Inspired from sehe's answer at
Boost spirit x3 - lazy parser
I tried to adapt it to one of my own problem (which is another story).
My grammar to implement has several ways to express numerical literals with
bases of 2, 8, 10 and 16. I've reduced the approach mentioned above hopefully
to a bearable minimum.
At AST I like to preserve the numerical presentation (integer, fractional, exp parts)
as boost::iterator_range<> by use of x3::raw
to evaluate it later, only base shall be of
integer type. Honesty, I haven't the requirements for the future yet (I could imagine
several possibilities - even evaluate it to a real/integer by the parser, but most of
the time, the reality looks different.). For simplicity, I've used here std::string
here
struct number {
unsigned base;
std::string literal;
};
Since the base and numbers can have underscores embedded, I've used range-v3
's
views::filter()
function. Another approach to handle those separated number has
sehe shown at X3 parse rule doesn't compile.

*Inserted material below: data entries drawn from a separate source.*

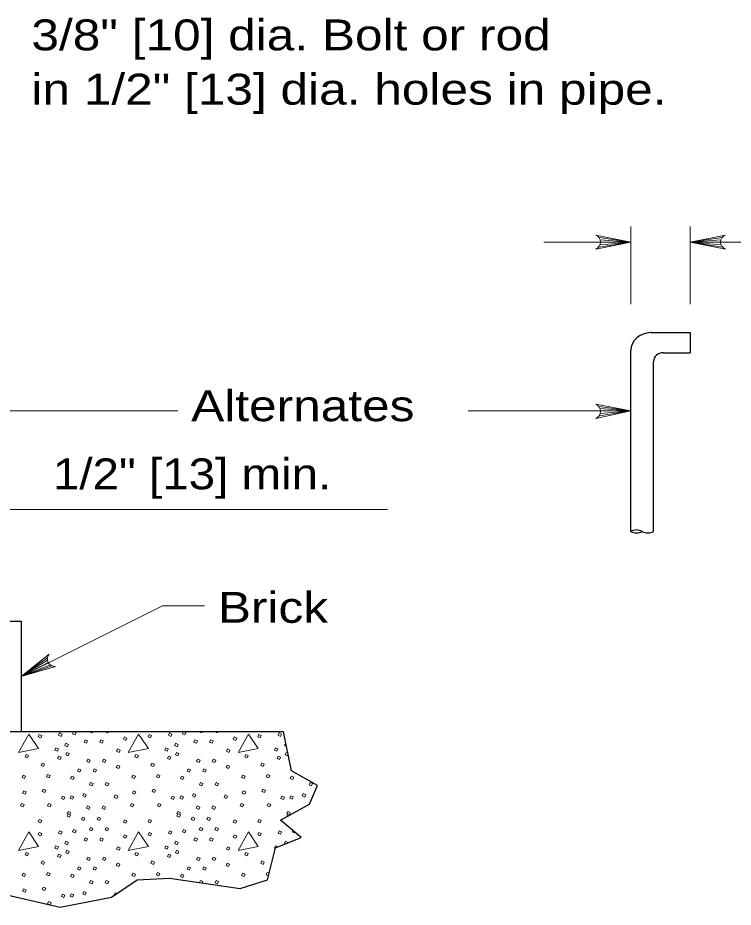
# Model space of a CAD drawing. Extents: x 1083.1 to 1117.1, y 697.4 to 741.4.
# Drawn here: x 1105.026 to 1108.637, y 729.063 to 733.552 of the extents above; entities that cross this region are included whole.
import ezdxf

# ---------------------------------------------------------------- set-up
doc = ezdxf.new("R2010")
doc.units = 0
doc.header["$LTSCALE"] = 0.062
doc.layers.add('1', color=7, linetype='Continuous', lineweight=13)

msp = doc.modelspace()

# ---------------------------------------------------------------- linework, layer by layer
at = {"layer": '1'}
for p, q in [((1108.12092, 732.10692), (1108.12092, 732.49875)), ((1108.42075, 732.10692), (1108.42075, 732.49875)), ((1107.68142, 732.42008), (1108.12092, 732.42008)), ((1107.95875, 732.39525), (1108.12092, 732.42008)), ((1107.96067, 732.4425), (1108.12092, 732.42008)), ((1107.96492, 732.40567), (1108.12092, 732.42008)), ((1107.96608, 732.43142), (1108.12092, 732.42008)), ((1107.96775, 732.42008), (1108.12092, 732.42008)), ((1108.581, 732.4425), (1108.42075, 732.42008)), ((1108.57558, 732.43142), (1108.42075, 732.42008)), ((1108.42075, 732.42008), (1109.891, 732.42008)), ((1108.57392, 732.42008), (1108.42075, 732.42008)), ((1108.57675, 732.40567), (1108.42075, 732.42008)), ((1108.58292, 732.39525), (1108.42075, 732.42008)), ((1108.22083, 731.963), (1108.22208, 731.963)), ((1104.49667, 731.56783), (1105.834, 731.56783)), ((1107.29892, 731.56783), (1108.12092, 731.56783)), ((1107.9585, 731.59092), (1108.12092, 731.56783)), ((1107.96092, 731.54375), (1108.12092, 731.56783)), ((1107.96475, 731.58058), (1108.12092, 731.56783)), ((1107.96625, 731.55492), (1108.12092, 731.56783)), ((1107.96775, 731.56625), (1108.12092, 731.56783)), ((1104.90975, 731.07075), (1106.89125, 731.07075)), ((1105.175, 730.32192), (1105.04333, 730.22792)), ((1105.17533, 730.30958), (1105.04333, 730.22792)), ((1105.17908, 730.29875), (1105.04333, 730.22792)), ((1105.18825, 730.28733), (1105.04333, 730.22792)), ((1105.1985, 730.28092), (1105.04333, 730.22792)), ((1106.377, 729.89042), (1106.37958, 729.88925)), ((1106.38125, 729.84483), (1106.38958, 729.84125)), ((1105.27467, 729.53533), (1105.27967, 729.54675)), ((1105.829, 729.53533), (1105.834, 729.54675)), ((1106.38333, 729.53533), (1106.38833, 729.54675)), ((1106.32667, 729.37325), (1106.33883, 729.368)), ((1106.285, 729.23917), (1106.29475, 729.23492)), ((1105.94275, 729.18775), (1105.94733, 729.19808)), ((1105.51267, 729.12408), (1105.5175, 729.13517)), ((1105.5175, 729.13517), (1105.52458, 729.13208))]:
    msp.add_line(p, q, dxfattribs=at)
at = {"layer": '1', "lineweight": 25}
for p, q in [((1108.22083, 731.963), (1108.42075, 731.963)), ((1108.42075, 731.963), (1108.42075, 731.86183)), ((1108.12092, 730.95983), (1108.12092, 731.87308)), ((1108.28508, 731.86183), (1108.42075, 731.86183)), ((1108.23517, 730.95983), (1108.23517, 731.81683)), ((1105.04333, 730.50717), (1105.04333, 729.94858))]:
    msp.add_line(p, q, dxfattribs=at)
at = {"layer": '1'}
for points in [[(1107.94392, 732.38467), (1108.12092, 732.42008), (1107.94392, 732.45542)], [(1108.59775, 732.38467), (1108.42075, 732.42008), (1108.59775, 732.45542)], [(1107.9435, 731.60142), (1108.12092, 731.56783), (1107.94425, 731.53058)], [(1105.04333, 730.22792), (1105.75608, 730.58458), (1105.9685, 730.58458)], [(1105.21658, 730.27842), (1105.04333, 730.22792), (1105.18383, 730.34117)], [(1105.31017, 729.94858), (1105.31983, 729.94442), (1105.31467, 729.93258), (1105.30217, 729.938), (1105.30683, 729.94858)], [(1105.40233, 729.94858), (1105.39967, 729.9425), (1105.38717, 729.94792), (1105.38742, 729.94858)], [(1105.4815, 729.94858), (1105.47883, 729.9425), (1105.46633, 729.94792), (1105.46667, 729.94858)], [(1105.8645, 729.94858), (1105.87417, 729.94442), (1105.869, 729.93258), (1105.8565, 729.938), (1105.86117, 729.94858)], [(1105.95667, 729.94858), (1105.954, 729.9425), (1105.9415, 729.94792), (1105.94175, 729.94858)], [(1106.03583, 729.94858), (1106.03317, 729.9425), (1106.02067, 729.94792), (1106.021, 729.94858)], [(1106.38275, 729.87383), (1106.37183, 729.87858), (1106.377, 729.89042)], [(1106.39117, 729.8335), (1106.38858, 729.82758), (1106.37608, 729.833), (1106.38125, 729.84483)], [(1105.27967, 729.54675), (1105.29217, 729.54133), (1105.28958, 729.53533)], [(1105.834, 729.54675), (1105.8465, 729.54133), (1105.84392, 729.53533)], [(1106.38683, 729.52192), (1106.38317, 729.5235), (1106.38833, 729.53533)], [(1106.38833, 729.54675), (1106.40083, 729.54133), (1106.39825, 729.53533)], [(1106.38833, 729.53533), (1106.40083, 729.52992), (1106.40067, 729.5295)], [(1106.42467, 729.44133), (1106.42333, 729.43817), (1106.41083, 729.44358), (1106.41383, 729.45033)], [(1106.326, 729.3595), (1106.3215, 729.36142), (1106.32667, 729.37325)], [(1106.3755, 729.3825), (1106.37183, 729.38408), (1106.377, 729.39592)], [(1106.377, 729.39592), (1106.3895, 729.3905), (1106.38817, 729.3875)], [(1106.29158, 729.22225), (1106.27983, 729.22733), (1106.285, 729.23917)], [(1105.94733, 729.19808), (1105.95983, 729.19267), (1105.95675, 729.18575)]]:
    msp.add_lwpolyline(points, dxfattribs=at)
at = {"layer": '1', "lineweight": 25}
for points in [[(1102.06542, 730.50717), (1104.80275, 730.50717), (1105.04333, 730.50717)], [(1106.36717, 729.94858), (1100.89558, 729.94858), (1100.89692, 729.84967)], [(1104.95458, 729.12908), (1105.23883, 729.06325), (1105.4985, 729.1145), (1105.62867, 729.20225), (1105.79083, 729.2095), (1106.14833, 729.15825), (1106.2865, 729.20225), (1106.327, 729.36333), (1106.45683, 729.41458), (1106.35125, 729.50233), (1106.49758, 729.583), (1106.53808, 729.678), (1106.40825, 729.75133), (1106.36717, 729.94858)]]:
    msp.add_lwpolyline(points, dxfattribs=at)
at = {"layer": '1'}
for points in [[(1105.23658, 729.94275), (1105.24908, 729.93733), (1105.24392, 729.9255), (1105.23142, 729.93092)], [(1105.79092, 729.94275), (1105.80333, 729.93733), (1105.79817, 729.9255), (1105.78575, 729.93092)], [(1106.34517, 729.94275), (1106.35767, 729.93733), (1106.3525, 729.9255), (1106.34, 729.93092)], [(1105.081, 729.93733), (1105.02875, 729.84475), (1105.131, 729.86475)], [(1105.13383, 729.93492), (1105.14633, 729.9295), (1105.14117, 729.91767), (1105.12867, 729.92308)], [(1105.36542, 729.908), (1105.37792, 729.90258), (1105.37275, 729.89083), (1105.36025, 729.89625)], [(1105.44458, 729.908), (1105.45708, 729.90258), (1105.45192, 729.89083), (1105.43942, 729.89625)], [(1105.564, 729.92267), (1105.5765, 729.91725), (1105.57133, 729.90542), (1105.55883, 729.91083)], [(1105.63525, 729.93733), (1105.58308, 729.84475), (1105.68533, 729.86475)], [(1105.68817, 729.93492), (1105.70067, 729.9295), (1105.6955, 729.91767), (1105.683, 729.92308)], [(1105.91975, 729.908), (1105.93225, 729.90258), (1105.92708, 729.89083), (1105.91458, 729.89625)], [(1105.99892, 729.908), (1106.01142, 729.90258), (1106.00625, 729.89083), (1105.99375, 729.89625)], [(1106.11833, 729.92267), (1106.13083, 729.91725), (1106.12567, 729.90542), (1106.11317, 729.91083)], [(1106.18958, 729.93733), (1106.13742, 729.84475), (1106.23967, 729.86475)], [(1106.2425, 729.93492), (1106.255, 729.9295), (1106.24983, 729.91767), (1106.23733, 729.92308)], [(1105.21808, 729.86775), (1105.23058, 729.86233), (1105.22542, 729.8505), (1105.21292, 729.85592)], [(1105.26833, 729.89042), (1105.28083, 729.885), (1105.27567, 729.87317), (1105.26325, 729.87858)], [(1105.52958, 729.86208), (1105.54208, 729.85667), (1105.53692, 729.84483), (1105.52442, 729.85025)], [(1105.77242, 729.86775), (1105.78492, 729.86233), (1105.77975, 729.8505), (1105.76725, 729.85592)], [(1105.82267, 729.89042), (1105.83517, 729.885), (1105.83, 729.87317), (1105.8175, 729.87858)], [(1106.08392, 729.86208), (1106.09642, 729.85667), (1106.09125, 729.84483), (1106.07875, 729.85025)], [(1106.32667, 729.86775), (1106.33917, 729.86233), (1106.334, 729.8505), (1106.3215, 729.85592)], [(1105.068, 729.83417), (1105.0805, 729.82875), (1105.07533, 729.81692), (1105.06283, 729.82233)], [(1105.23158, 729.82567), (1105.24408, 729.82025), (1105.23892, 729.80842), (1105.22642, 729.81383)], [(1105.27258, 729.84483), (1105.28508, 729.83942), (1105.27992, 729.82758), (1105.26742, 729.833)], [(1105.37883, 729.81083), (1105.39133, 729.80542), (1105.38617, 729.79358), (1105.37367, 729.799)], [(1105.458, 729.81083), (1105.4705, 729.80542), (1105.46533, 729.79358), (1105.45283, 729.799)], [(1105.62225, 729.83417), (1105.63475, 729.82875), (1105.62958, 729.81692), (1105.61708, 729.82233)], [(1105.78592, 729.82567), (1105.79833, 729.82025), (1105.79325, 729.80842), (1105.78075, 729.81383)], [(1105.82692, 729.84483), (1105.83942, 729.83942), (1105.83425, 729.82758), (1105.82175, 729.833)], [(1105.93317, 729.81083), (1105.94567, 729.80542), (1105.9405, 729.79358), (1105.928, 729.799)], [(1106.01233, 729.81083), (1106.02483, 729.80542), (1106.01967, 729.79358), (1106.00717, 729.799)], [(1106.17658, 729.83417), (1106.18908, 729.82875), (1106.18392, 729.81692), (1106.17142, 729.82233)], [(1106.34017, 729.82567), (1106.35267, 729.82025), (1106.3475, 729.80842), (1106.335, 729.81383)], [(1105.14867, 729.791), (1105.16117, 729.78558), (1105.156, 729.77375), (1105.1435, 729.77917)], [(1105.33142, 729.76125), (1105.34392, 729.75583), (1105.33875, 729.74408), (1105.32625, 729.7495)], [(1105.41067, 729.76125), (1105.42317, 729.75583), (1105.418, 729.74408), (1105.4055, 729.7495)], [(1105.52817, 729.78033), (1105.54067, 729.77492), (1105.5355, 729.76308), (1105.523, 729.7685)], [(1105.703, 729.791), (1105.7155, 729.78558), (1105.71033, 729.77375), (1105.69783, 729.77917)], [(1105.88575, 729.76125), (1105.89825, 729.75583), (1105.89308, 729.74408), (1105.88058, 729.7495)], [(1105.965, 729.76125), (1105.97742, 729.75583), (1105.97225, 729.74408), (1105.95983, 729.7495)], [(1106.0825, 729.78033), (1106.095, 729.77492), (1106.08983, 729.76308), (1106.07733, 729.7685)], [(1106.25733, 729.791), (1106.26983, 729.78558), (1106.26467, 729.77375), (1106.25217, 729.77917)], [(1105.05242, 729.73017), (1105.06492, 729.72475), (1105.05975, 729.71292), (1105.04725, 729.71833)], [(1105.17633, 729.73367), (1105.18883, 729.72825), (1105.18367, 729.71642), (1105.17117, 729.72183)], [(1105.29742, 729.72517), (1105.30992, 729.71975), (1105.30475, 729.70792), (1105.29225, 729.71333)], [(1105.60675, 729.73017), (1105.61917, 729.72475), (1105.61408, 729.71292), (1105.60158, 729.71833)], [(1105.73067, 729.73367), (1105.74317, 729.72825), (1105.738, 729.71642), (1105.7255, 729.72183)], [(1105.85175, 729.72517), (1105.86425, 729.71975), (1105.85908, 729.70792), (1105.84658, 729.71333)], [(1106.161, 729.73017), (1106.1735, 729.72475), (1106.16833, 729.71292), (1106.15583, 729.71833)], [(1106.285, 729.73367), (1106.2975, 729.72825), (1106.29233, 729.71642), (1106.27983, 729.72183)], [(1106.40608, 729.72517), (1106.41858, 729.71975), (1106.41342, 729.70792), (1106.40092, 729.71333)], [(1105.393, 729.69258), (1105.4055, 729.68717), (1105.40033, 729.67533), (1105.38783, 729.68075)], [(1105.47217, 729.69258), (1105.48467, 729.68717), (1105.4795, 729.67533), (1105.467, 729.68075)], [(1105.94733, 729.69258), (1105.95983, 729.68717), (1105.95467, 729.67533), (1105.94217, 729.68075)], [(1106.0265, 729.69258), (1106.039, 729.68717), (1106.03383, 729.67533), (1106.02133, 729.68075)], [(1106.50158, 729.69258), (1106.51408, 729.68717), (1106.50892, 729.67533), (1106.4965, 729.68075)], [(1105.05533, 729.651), (1105.06783, 729.64558), (1105.06267, 729.63375), (1105.05017, 729.63917)], [(1105.15433, 729.65933), (1105.16683, 729.65392), (1105.16167, 729.64208), (1105.14917, 729.6475)], [(1105.25075, 729.62392), (1105.26325, 729.6185), (1105.25808, 729.60675), (1105.24558, 729.61208)], [(1105.29525, 729.626), (1105.30775, 729.62058), (1105.30258, 729.60883), (1105.29008, 729.61417)], [(1105.35833, 729.63667), (1105.37083, 729.63125), (1105.36567, 729.61942), (1105.35317, 729.62483)], [(1105.5175, 729.62958), (1105.53, 729.62417), (1105.52483, 729.61242), (1105.51233, 729.61775)], [(1105.60967, 729.651), (1105.62208, 729.64558), (1105.61692, 729.63375), (1105.6045, 729.63917)], [(1105.70867, 729.65933), (1105.72117, 729.65392), (1105.716, 729.64208), (1105.7035, 729.6475)], [(1105.805, 729.62392), (1105.8175, 729.6185), (1105.81233, 729.60675), (1105.79983, 729.61208)], [(1105.84958, 729.626), (1105.86208, 729.62058), (1105.85692, 729.60883), (1105.84442, 729.61417)], [(1105.91267, 729.63667), (1105.92517, 729.63125), (1105.92, 729.61942), (1105.9075, 729.62483)], [(1106.07183, 729.62958), (1106.08433, 729.62417), (1106.07917, 729.61242), (1106.06667, 729.61775)], [(1106.16392, 729.651), (1106.17642, 729.64558), (1106.17125, 729.63375), (1106.15875, 729.63917)], [(1106.263, 729.65933), (1106.2755, 729.65392), (1106.27033, 729.64208), (1106.25783, 729.6475)], [(1106.35933, 729.62392), (1106.37183, 729.6185), (1106.36667, 729.60675), (1106.35417, 729.61208)], [(1106.40392, 729.626), (1106.41642, 729.62058), (1106.41125, 729.60883), (1106.39875, 729.61417)], [(1106.467, 729.63667), (1106.4795, 729.63125), (1106.47433, 729.61942), (1106.46183, 729.62483)], [(1105.04492, 729.58692), (1105.05742, 729.5815), (1105.05225, 729.56967), (1105.03975, 729.57508)], [(1105.18125, 729.58717), (1105.19375, 729.58175), (1105.18858, 729.56992), (1105.17608, 729.57533)], [(1105.59925, 729.58692), (1105.61175, 729.5815), (1105.60658, 729.56967), (1105.59408, 729.57508)], [(1105.73558, 729.58717), (1105.74808, 729.58175), (1105.74292, 729.56992), (1105.73042, 729.57533)], [(1106.1535, 729.58692), (1106.166, 729.5815), (1106.16083, 729.56967), (1106.14833, 729.57508)], [(1106.28992, 729.58717), (1106.30242, 729.58175), (1106.29725, 729.56992), (1106.28475, 729.57533)], [(1105.27967, 729.53533), (1105.29217, 729.52992), (1105.287, 729.51808), (1105.2745, 729.5235)], [(1105.37742, 729.57442), (1105.38992, 729.569), (1105.38475, 729.55717), (1105.37225, 729.56258)], [(1105.45658, 729.57442), (1105.46908, 729.569), (1105.46392, 729.55717), (1105.45142, 729.56258)], [(1105.834, 729.53533), (1105.8465, 729.52992), (1105.84133, 729.51808), (1105.82883, 729.5235)], [(1105.93175, 729.57442), (1105.94425, 729.569), (1105.93908, 729.55717), (1105.92658, 729.56258)], [(1106.01092, 729.57442), (1106.02342, 729.569), (1106.01825, 729.55717), (1106.00575, 729.56258)], [(1105.13383, 729.50558), (1105.14633, 729.50017), (1105.14117, 729.48833), (1105.12867, 729.49375)], [(1105.35192, 729.51833), (1105.36442, 729.51292), (1105.35925, 729.50108), (1105.34675, 729.5065)], [(1105.43117, 729.51833), (1105.44358, 729.51292), (1105.4385, 729.50108), (1105.426, 729.5065)], [(1105.56425, 729.50492), (1105.57675, 729.4995), (1105.57158, 729.48767), (1105.55908, 729.49308)], [(1105.68817, 729.50558), (1105.70067, 729.50017), (1105.6955, 729.48833), (1105.683, 729.49375)], [(1105.90625, 729.51833), (1105.91875, 729.51292), (1105.91358, 729.50108), (1105.90108, 729.5065)], [(1105.98542, 729.51833), (1105.99792, 729.51292), (1105.99275, 729.50108), (1105.98025, 729.5065)], [(1106.11858, 729.50492), (1106.13108, 729.4995), (1106.12592, 729.48767), (1106.11342, 729.49308)], [(1106.2425, 729.50558), (1106.255, 729.50017), (1106.24983, 729.48833), (1106.23733, 729.49375)], [(1105.23658, 729.44833), (1105.24908, 729.44292), (1105.24392, 729.43108), (1105.23142, 729.4365)], [(1105.30733, 729.45542), (1105.31983, 729.45), (1105.31467, 729.43817), (1105.30217, 729.44358)], [(1105.39233, 729.46533), (1105.40483, 729.45992), (1105.39967, 729.44808), (1105.38717, 729.4535)], [(1105.4715, 729.46533), (1105.484, 729.45992), (1105.47883, 729.44808), (1105.46633, 729.4535)], [(1105.79092, 729.44833), (1105.80333, 729.44292), (1105.79817, 729.43108), (1105.78575, 729.4365)], [(1105.86167, 729.45542), (1105.87417, 729.45), (1105.869, 729.43817), (1105.8565, 729.44358)], [(1105.94667, 729.46533), (1105.95917, 729.45992), (1105.954, 729.44808), (1105.9415, 729.4535)], [(1106.02583, 729.46533), (1106.03833, 729.45992), (1106.03317, 729.44808), (1106.02067, 729.4535)], [(1106.34517, 729.44833), (1106.35767, 729.44292), (1106.3525, 729.43108), (1106.34, 729.4365)], [(1105.081, 729.44292), (1105.02875, 729.35025), (1105.131, 729.37025)], [(1105.13383, 729.4405), (1105.14633, 729.43508), (1105.14117, 729.42325), (1105.12867, 729.42867)], [(1105.36542, 729.41358), (1105.37792, 729.40817), (1105.37275, 729.39633), (1105.36025, 729.40175)], [(1105.44458, 729.41358), (1105.45708, 729.40817), (1105.45192, 729.39633), (1105.43942, 729.40175)], [(1105.564, 729.42825), (1105.5765, 729.42283), (1105.57133, 729.411), (1105.55883, 729.41642)], [(1105.63525, 729.44292), (1105.58308, 729.35025), (1105.68533, 729.37025)], [(1105.68817, 729.4405), (1105.70067, 729.43508), (1105.6955, 729.42325), (1105.683, 729.42867)], [(1105.91975, 729.41358), (1105.93225, 729.40817), (1105.92708, 729.39633), (1105.91458, 729.40175)], [(1105.99892, 729.41358), (1106.01142, 729.40817), (1106.00625, 729.39633), (1105.99375, 729.40175)], [(1106.11833, 729.42825), (1106.13083, 729.42283), (1106.12567, 729.411), (1106.11317, 729.41642)], [(1106.18958, 729.44292), (1106.13742, 729.35025), (1106.23967, 729.37025)], [(1106.2425, 729.4405), (1106.255, 729.43508), (1106.24983, 729.42325), (1106.23733, 729.42867)], [(1105.21808, 729.37325), (1105.23058, 729.36783), (1105.22542, 729.356), (1105.21292, 729.36142)], [(1105.26833, 729.39592), (1105.28083, 729.3905), (1105.27567, 729.37867), (1105.26325, 729.38408)], [(1105.52958, 729.36758), (1105.54208, 729.36217), (1105.53692, 729.35033), (1105.52442, 729.35575)], [(1105.77242, 729.37325), (1105.78492, 729.36783), (1105.77975, 729.356), (1105.76725, 729.36142)], [(1105.82267, 729.39592), (1105.83517, 729.3905), (1105.83, 729.37867), (1105.8175, 729.38408)], [(1106.08392, 729.36758), (1106.09642, 729.36217), (1106.09125, 729.35033), (1106.07875, 729.35575)], [(1105.068, 729.33967), (1105.0805, 729.33425), (1105.07533, 729.3225), (1105.06283, 729.32783)], [(1105.23158, 729.33117), (1105.24408, 729.32583), (1105.23892, 729.314), (1105.22642, 729.31942)], [(1105.27258, 729.35033), (1105.28508, 729.34492), (1105.27992, 729.33308), (1105.26742, 729.3385)], [(1105.37883, 729.31642), (1105.39133, 729.311), (1105.38617, 729.29917), (1105.37367, 729.30458)], [(1105.458, 729.31642), (1105.4705, 729.311), (1105.46533, 729.29917), (1105.45283, 729.30458)], [(1105.62225, 729.33967), (1105.63475, 729.33425), (1105.62958, 729.3225), (1105.61708, 729.32783)], [(1105.78592, 729.33117), (1105.79833, 729.32583), (1105.79325, 729.314), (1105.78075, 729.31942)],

The core idea is to have (I've used Qi's Nabialek trick long time ago) something like
auto const char_set = [](auto&& char_range, char const* name) {
return x3::rule<struct _, std::string>{ name } = x3::as_parser(
x3::raw[ x3::char_(char_range) >> *(-lit("_") >> x3::char_(char_range)) ]);
};
auto const bin_charset = char_set("01", "binary charset");
auto const oct_charset = char_set("0-7", "octal charset");
auto const dec_charset = char_set("0-9", "decimal charset");
auto const hex_charset = char_set("0-9a-fA-F", "hexadecimal charset");
using Value = ast::number;
using It = std::string::const_iterator;
using Rule = x3::any_parser<It, Value>;
x3::symbols<Rule> const based_parser({
{ 2, as<std::string>[ bin_charset ] },
{ 8, as<std::string>[ oct_charset ] },
{ 10, as<std::string>[ dec_charset ] },
{ 16, as<std::string>[ hex_charset ] }
}, "based character set"
);
auto const base = x3::rule<struct _, unsigned>{ "base" } = dec_charset; // simplified
auto const parser = x3::with<Rule>(Rule{}) [
x3::lexeme[ set_lazy<Rule>[based_parser] >> '#' >> do_lazy<Rule> ]
];
auto const grammar = x3::skip[ x3::space ]( parser >> x3:: eoi );
and use them like
for (std::string const input : {
"2#0101",
"8#42",
"10#4711",
"1_6#DEAD_BEEF",
})
{
...
}
Well, it doesn't compile and hence I do not know if it would work this way. I think, it's
a better way than several lines of alternatives (as my old code). Further, if I study newer
standards of the grammar I like to implement, the syntax has been extended with leading
integer (for numeric width) and other base specifier, e.g. 'UB', 'UO' and others. This
would come off-topic: How can I prepare the code for further grammar extensions (using something like eps[get<std_tag>(ctx) == x42]
)?
For convenience, I've put the example at coliru.